A Mini Microscope Illuminates Neuron Spikes
By capturing neurons’ electrical activity in fine detail across time and space, researchers aim to deepen our grasp of how the brain works and to pave the way for new treatments for neurological disorders. Yet achieving sufficient sensitivity and temporal precision with a device small and light enough to be mounted on live rodents—the quintessential model for human disease—has remained a significant hurdle.
Researchers in the United States have now built a miniature, high-performance microscope from readily available optics and sensors that can ride on mice while they are awake but restrained in place. The device weighs so little that it could, in the future, be adapted to follow the behavior of free-moving mice (Biomed. Opt. Express, doi: 10.1364/BOE.576516). The team anticipates that with further customization, tracking the neural activity of freely roaming mice will become feasible.
Advances in neuronal imaging
Currently, scientists can monitor mouse brain activity in vivo using genetically encoded calcium indicators. These indicators glow when they bind calcium ions, which participate in many voltage changes across cell membranes, i.e., spikes.
However, calcium-based measurements reflect spike activity over timescales of hundreds of milliseconds. Neuronal voltages, by contrast, can shift in under a millisecond. Relying on calcium signals to infer fast spikes can sacrifice temporal precision, and while computer-led post-processing can uncover the underlying spikes, this approach can introduce errors.
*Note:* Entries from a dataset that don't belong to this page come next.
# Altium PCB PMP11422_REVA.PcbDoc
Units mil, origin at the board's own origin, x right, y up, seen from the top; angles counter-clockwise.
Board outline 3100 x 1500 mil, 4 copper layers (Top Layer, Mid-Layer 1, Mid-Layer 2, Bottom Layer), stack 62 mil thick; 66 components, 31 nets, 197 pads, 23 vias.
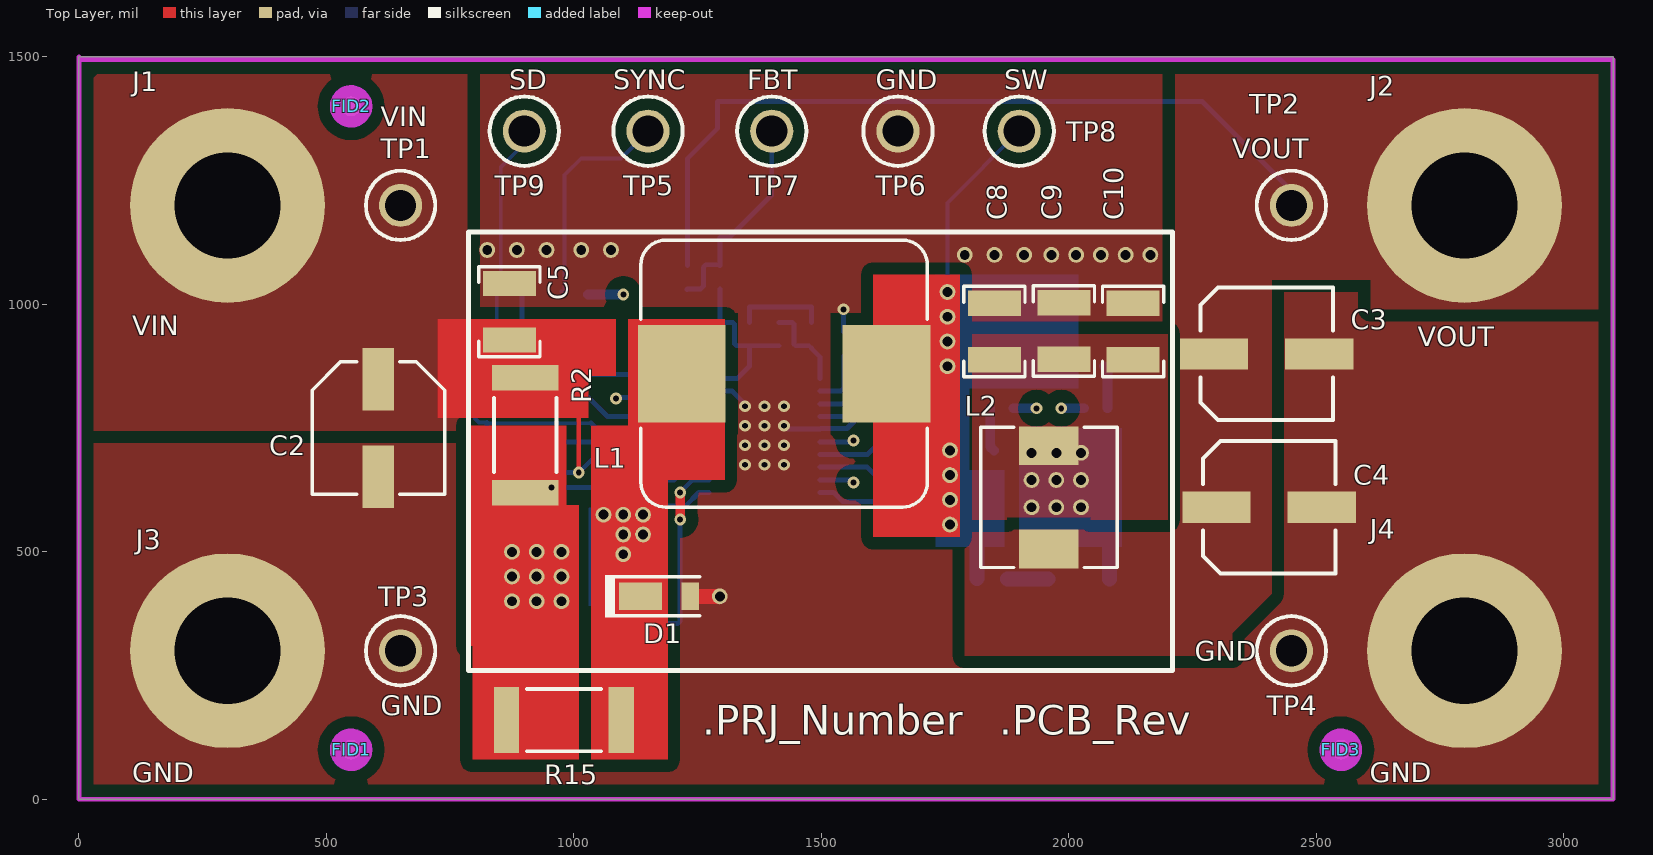
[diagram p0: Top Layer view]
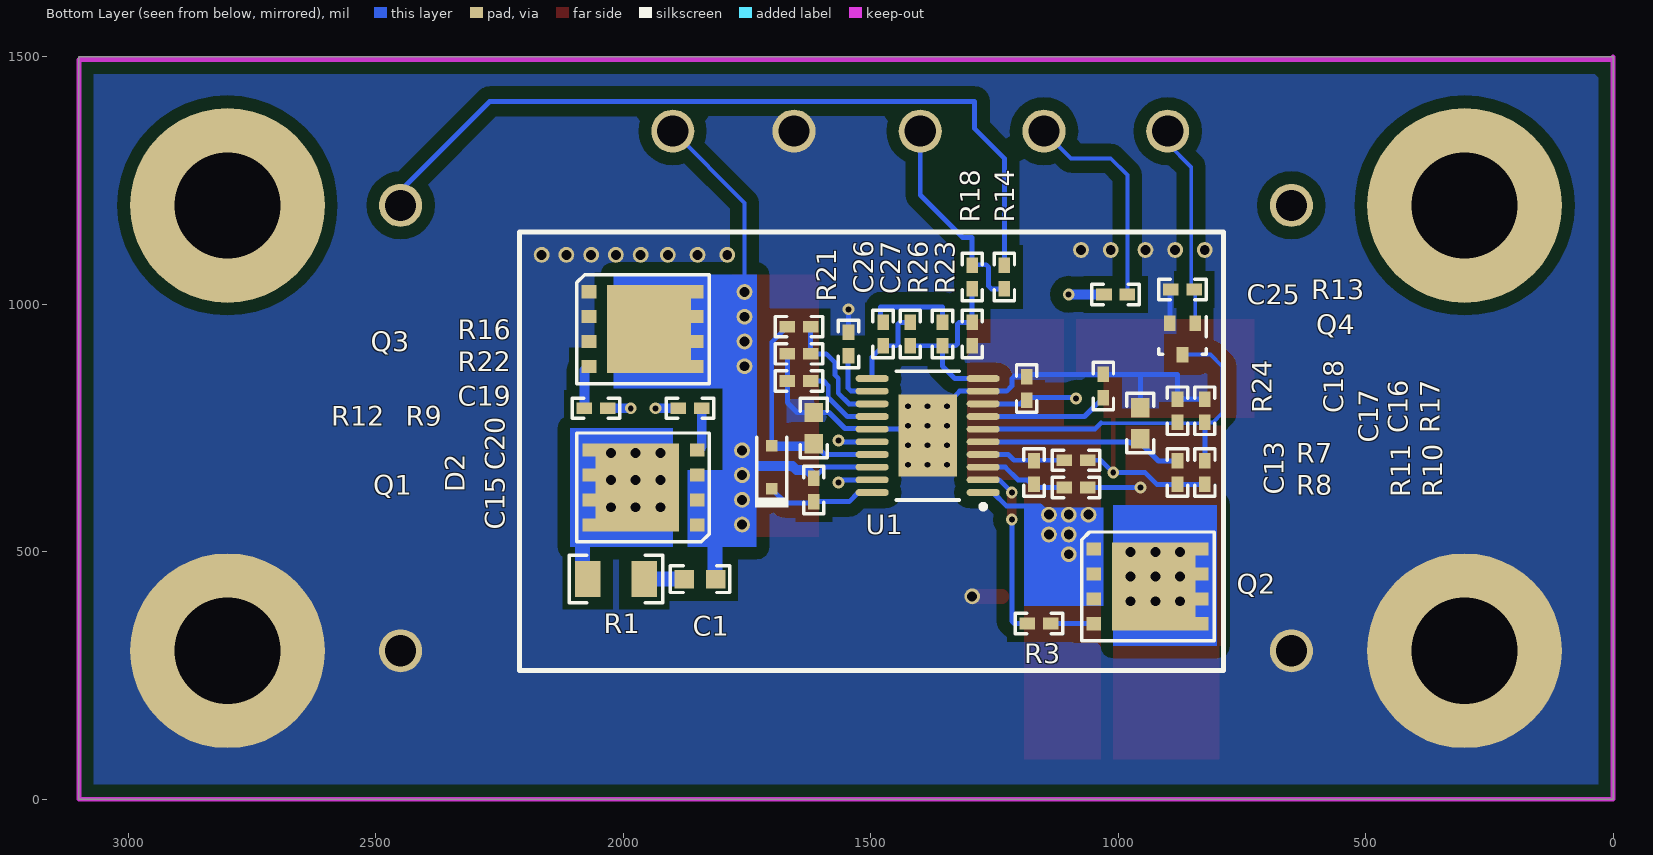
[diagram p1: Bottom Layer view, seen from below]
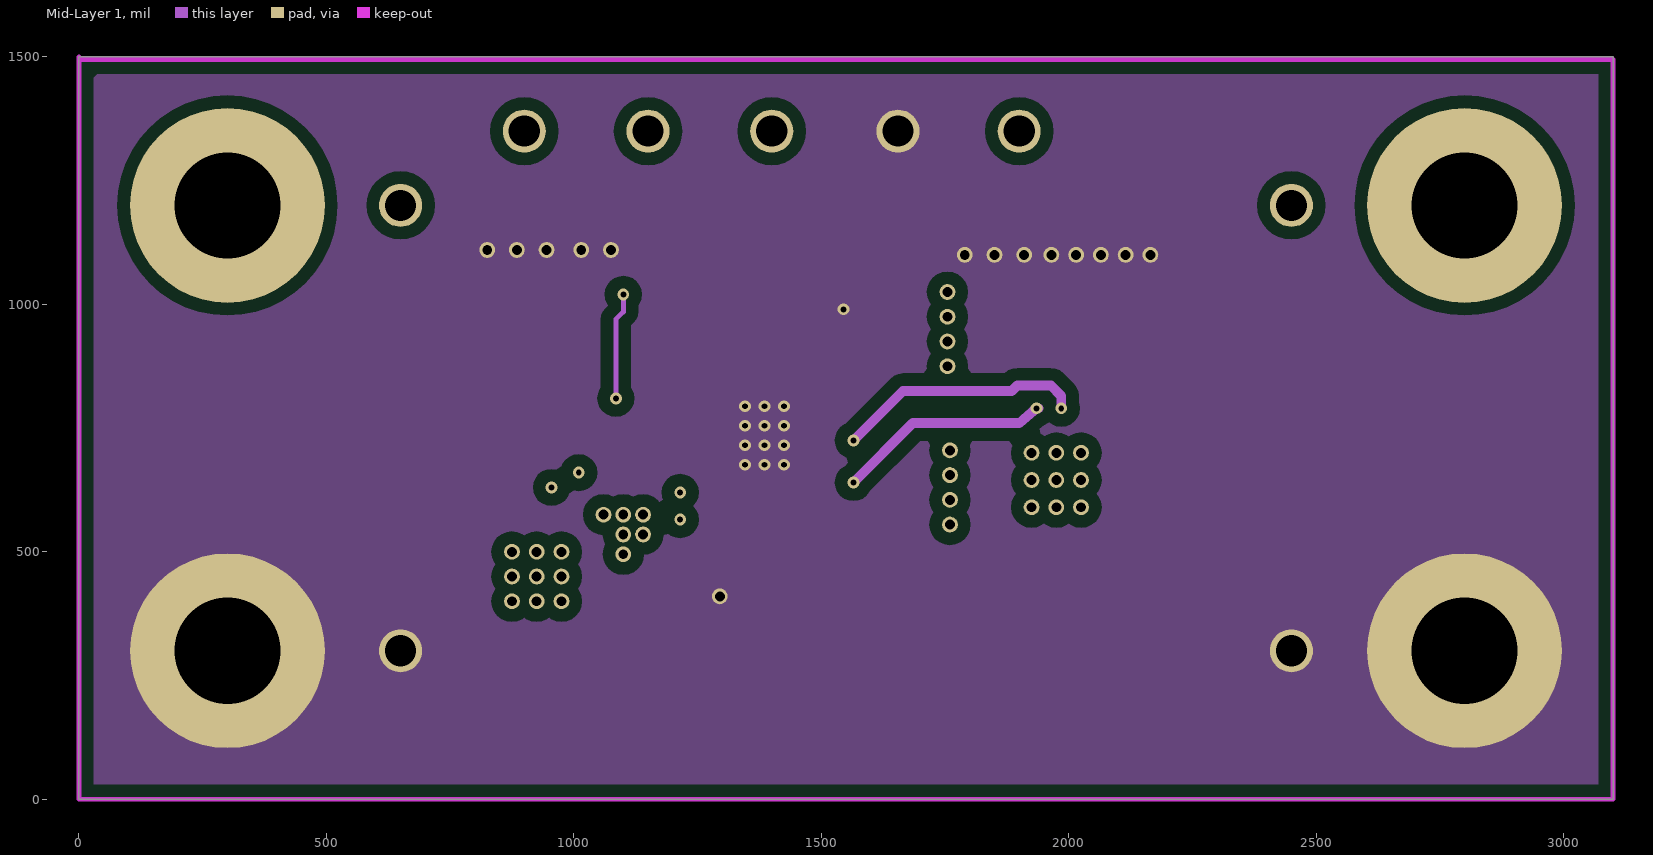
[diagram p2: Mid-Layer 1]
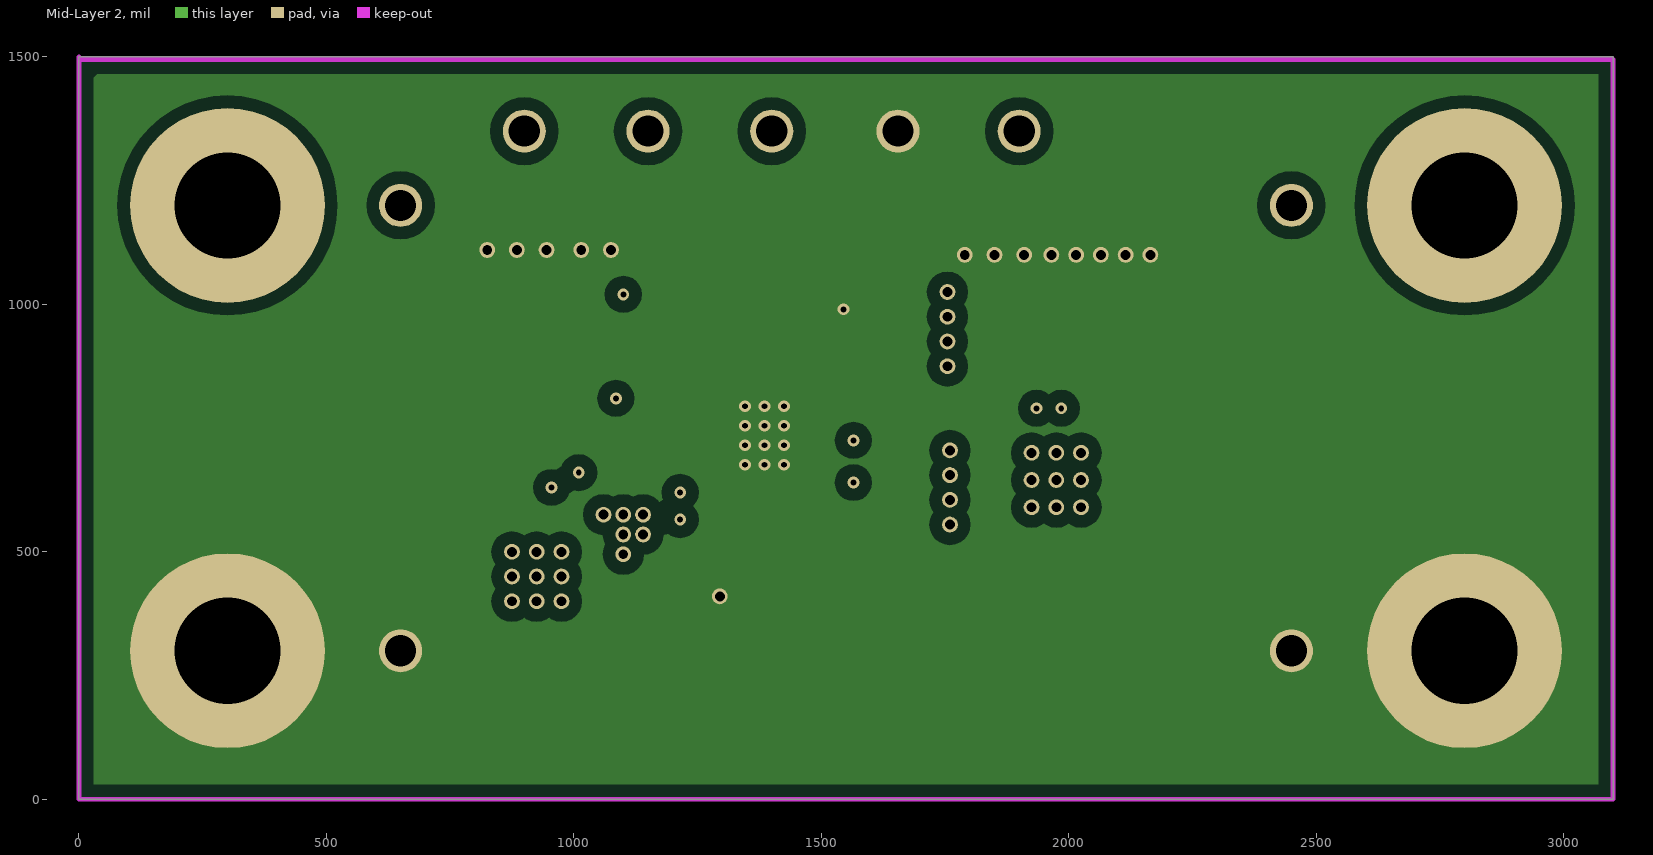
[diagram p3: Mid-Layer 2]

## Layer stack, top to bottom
Top Solder: solder mask 0.4, Solder Resist, Dk 3.5
Top Layer: signal copper 1.4
Dielectric1: core 12.6, FR-4, Dk 4.8
Mid-Layer 1: signal copper 0.7
Dielectric2: dielectric 32.6, FR-4, Dk 4.8
Mid-Layer 2: signal copper 0.7
Dielectric3: dielectric 12.6, FR-4, Dk 4.8
Bottom Layer: signal copper 1.4
Bottom Solder: solder mask 0.4, Solder Resist, Dk 3.5

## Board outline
0,0 3100,0 3100,1500 0,1500

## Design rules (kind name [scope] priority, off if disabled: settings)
AcuteAngle [All] p1: minimum=4.50000000000000E+0001 checktracksonly=FALSE
AssemblyTestPointUsage [All] p1: valid=2
Clearance Clearance_Keepouts [((IsTrack Or IsArc) And Not InPoly) And IsFree and IsKeepOut vs ((IsTrack Or IsArc) And Not InPoly) And IsFree and IsKeepOut] p1: gap=0
Clearance Clearance_BoardEdge_MountingHoles [OnCopper and InComponentClass('Mounting Holes') vs IsKeepOut] p2: gap=40
Clearance Clearance_BoardEdge_Poly [OnCopper and InPoly vs IsKeepOut] p3: gap=25
Clearance Clearance_BoardEdge [OnCopper and Not InComponentClass('Logo') and not InComponentClass('FiducialMark') and not InRegion(1000,500,4000,800) and Not IsKeepout vs IsKeepOut] p4: gap=75
Clearance Clearance_Poly [InPolygon] p5: gap=25
Clearance [All] p6: gap=7.87
ComponentClearance ComponentClearance_MountingHoles_FiducialMarks [InComponentClass('Mounting Holes') vs InComponentClass('FiducialMark')] p1: gap=50 collisioncheckmode=3 verticalgap=10 showdistances=FALSE
ComponentClearance ComponentClearance_Shunt [InComponentClass('Header') vs InComponentClass('Shunt')] p2: gap=0 collisioncheckmode=3 verticalgap=0 showdistances=FALSE
ComponentClearance ComponentClearance_Logo [InComponentClass('Logo')] p3: gap=50 collisioncheckmode=3 verticalgap=10 showdistances=FALSE
ComponentClearance ComponentClearance_ScrewToNut [(HasFootprint('NY PMS 440 0025 PH')) vs (HasFootprint('Keystone_1902C'))] p4: gap=5 collisioncheckmode=3 verticalgap=10 showdistances=FALSE
ComponentClearance ComponentClearance_MountingHoles [InComponentClass('Mounting Holes')] p5: gap=250 collisioncheckmode=3 verticalgap=100000 showdistances=FALSE
ComponentClearance ComponentClearance_SmallPassives [HasFootprint('0201*') or HasFootprint('0402*') or HasFootprint('0508') or HasFootprint('0603*') or HasFootprint('0612') or HasFootprint('0805*') or HasFootprint('0815*') or HasFootprint('0830*') or HasFootprint('1206*') or HasFootprint('1210*') or HasFootprint('1808*') or HasFootprint('1812*') or HasFootprint('1825*') or HasFootprint('2010*') or HasFootprint('2220*') or HasFootprint('2225*') or HasFootprint('2512*') or HasFootprint('2728*') or HasFootprint('3518*') vs HasFootprint('0201*') or HasFootprint('0402*') or HasFootprint('0508') or HasFootprint('0603*') or HasFootprint('0612') or HasFootprint('0805*') or HasFootprint('0815*') or HasFootprint('0830*') or HasFootprint('1206*') or HasFootprint('1210*') or HasFootprint('1808*') or HasFootprint('1812*') or HasFootprint('1825*') or HasFootprint('2010*') or HasFootprint('2220*') or HasFootprint('2225*') or HasFootprint('2512*') or HasFootprint('2728*') or HasFootprint('3518*')] p6: gap=20 collisioncheckmode=3 verticalgap=10 showdistances=FALSE
ComponentClearance ComponentClearance_THtoSMT [IsThruComponent vs IsSMTComponent] p7: gap=90 collisioncheckmode=3 verticalgap=30 showdistances=FALSE
ComponentClearance ComponentClearance_THtoTH [IsThruComponent vs IsThruComponent] p8: gap=118.11 collisioncheckmode=3 verticalgap=30 showdistances=FALSE
ComponentClearance [All] p9: gap=40 collisioncheckmode=3 verticalgap=10 showdistances=FALSE
DiffPairsRouting [All] p1: maxlimit=100 minlimit=10 mostfreqgap=10 toplayer_minwidth=15 toplayer_maxwidth=15 toplayer_prefwidth=15 midlayer1_minwidth=15 midlayer1_maxwidth=15 midlayer1_prefwidth=15 midlayer2_minwidth=15 midlayer2_maxwidth=15 midlayer2_prefwidth=15 bottomlayer_minwidth=15 bottomlayer_maxwidth=15 bottomlayer_prefwidth=15 maxuncoupledlength=1000
FabricationTestPointUsage TestPointUsage [All] p1: valid=2 allowmultiple=FALSE
FabricationTestpoint Testpoint [All] p1: side=3 testpointundercomponent=TRUE minsize=40 maxsize=100 preferedsize=60 minholesize=0 maxholesize=40 preferedholesize=32 testpointgrid=1 allowsidetop=TRUE allowsidebottom=TRUE usegrid=TRUE gridtolerance=0.01
FanoutControl Fanout_LCC [IsLCC] p1: bgadir=Out bgaviamode=Centered fanoutstyle=Auto fanoutdirection=Alternating viagrid=1 // Fanout_LCC (Default Rule)
FanoutControl Fanout_BGA [IsBGA] p2: bgadir=Out bgaviamode=Centered fanoutstyle=Auto fanoutdirection=Alternating viagrid=1 // Fanout_BGA (Default Rule)
FanoutControl Fanout_Default [All] p4: bgadir=Out bgaviamode=Centered fanoutstyle=Auto fanoutdirection=Alternating viagrid=1 // Fanout_Default (Default Rule)
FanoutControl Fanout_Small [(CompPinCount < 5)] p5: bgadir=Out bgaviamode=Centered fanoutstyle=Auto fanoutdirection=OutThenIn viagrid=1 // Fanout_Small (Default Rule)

In the new work, Emily Gibson and colleagues—affiliated with the University of Colorado Anschutz Medical Campus, the University of Colorado Boulder, and Columbia University—employ genetically encoded voltage indicators. These proteins fluoresce in response to voltage changes across cell membranes, offering a more direct, millisecond-accurate readout of neuron firing.
As the researchers caution, these voltage signals generate only small fluctuations atop a large baseline fluorescence, making it difficult to detect spikes. The main challenge is to design a microscope with a large numerical aperture to gather light efficiently and to pair it with a fast, sensitive image sensor, all while keeping the device light enough to be carried on a living animal.
A remarkably small, capable microscope
Calcium-based signals can still be analyzed later to infer spikes, but that post-processing can introduce inaccuracies.
Gibson and her team built such a microscope that they named MiniVolt, assembling it from off-the-shelf components. It uses four lenses to achieve a numerical aperture around 0.6 and a sensor capable of operating at more than 500 frames per second. The assembly is housed in a casing created via 3D printing and, with filters integrated, measures just a few centimeters across and weighs a mere 16 grams—roughly the weight of a light battery and a small gadget.
To test MiniVolt, the scientists created a small skull opening in a mouse engineered to express a voltage indicator called Voltron2 in its visual cortex. The microscope was mounted on the mouse’s head, with the head fixed in place, and illuminated via a green laser delivered through a fiber optic. The fluorescence signal was recorded to monitor the firing of individual neurons.
When benchmarked against a traditional bench-top wide-field microscope, MiniVolt tracked comparable voltage spike patterns in a given neuron and delivered similar spike peak-to-noise ratios—at least 3—while imaging at 530 frames per second.
Gibson and colleagues say the device is already light enough to be mounted on freely moving rats, which can bear on their heads loads up to about 35 grams. However, mice remain the most valuable model for understanding the human brain, and they typically tolerate devices weighing only around 4 grams.
Reducing the weight further should be achievable. The researchers expect to trim mass by customizing optics to preserve the same numerical aperture with smaller lenses, and by using a smaller, purpose-built CMOS sensor while maintaining performance, since they are currently using only a fraction of the sensor’s capacity. If successful, these refinements could enable high-performance neural imaging in even smaller animals while preserving the quality of the data needed to study brain function and disease mechanisms.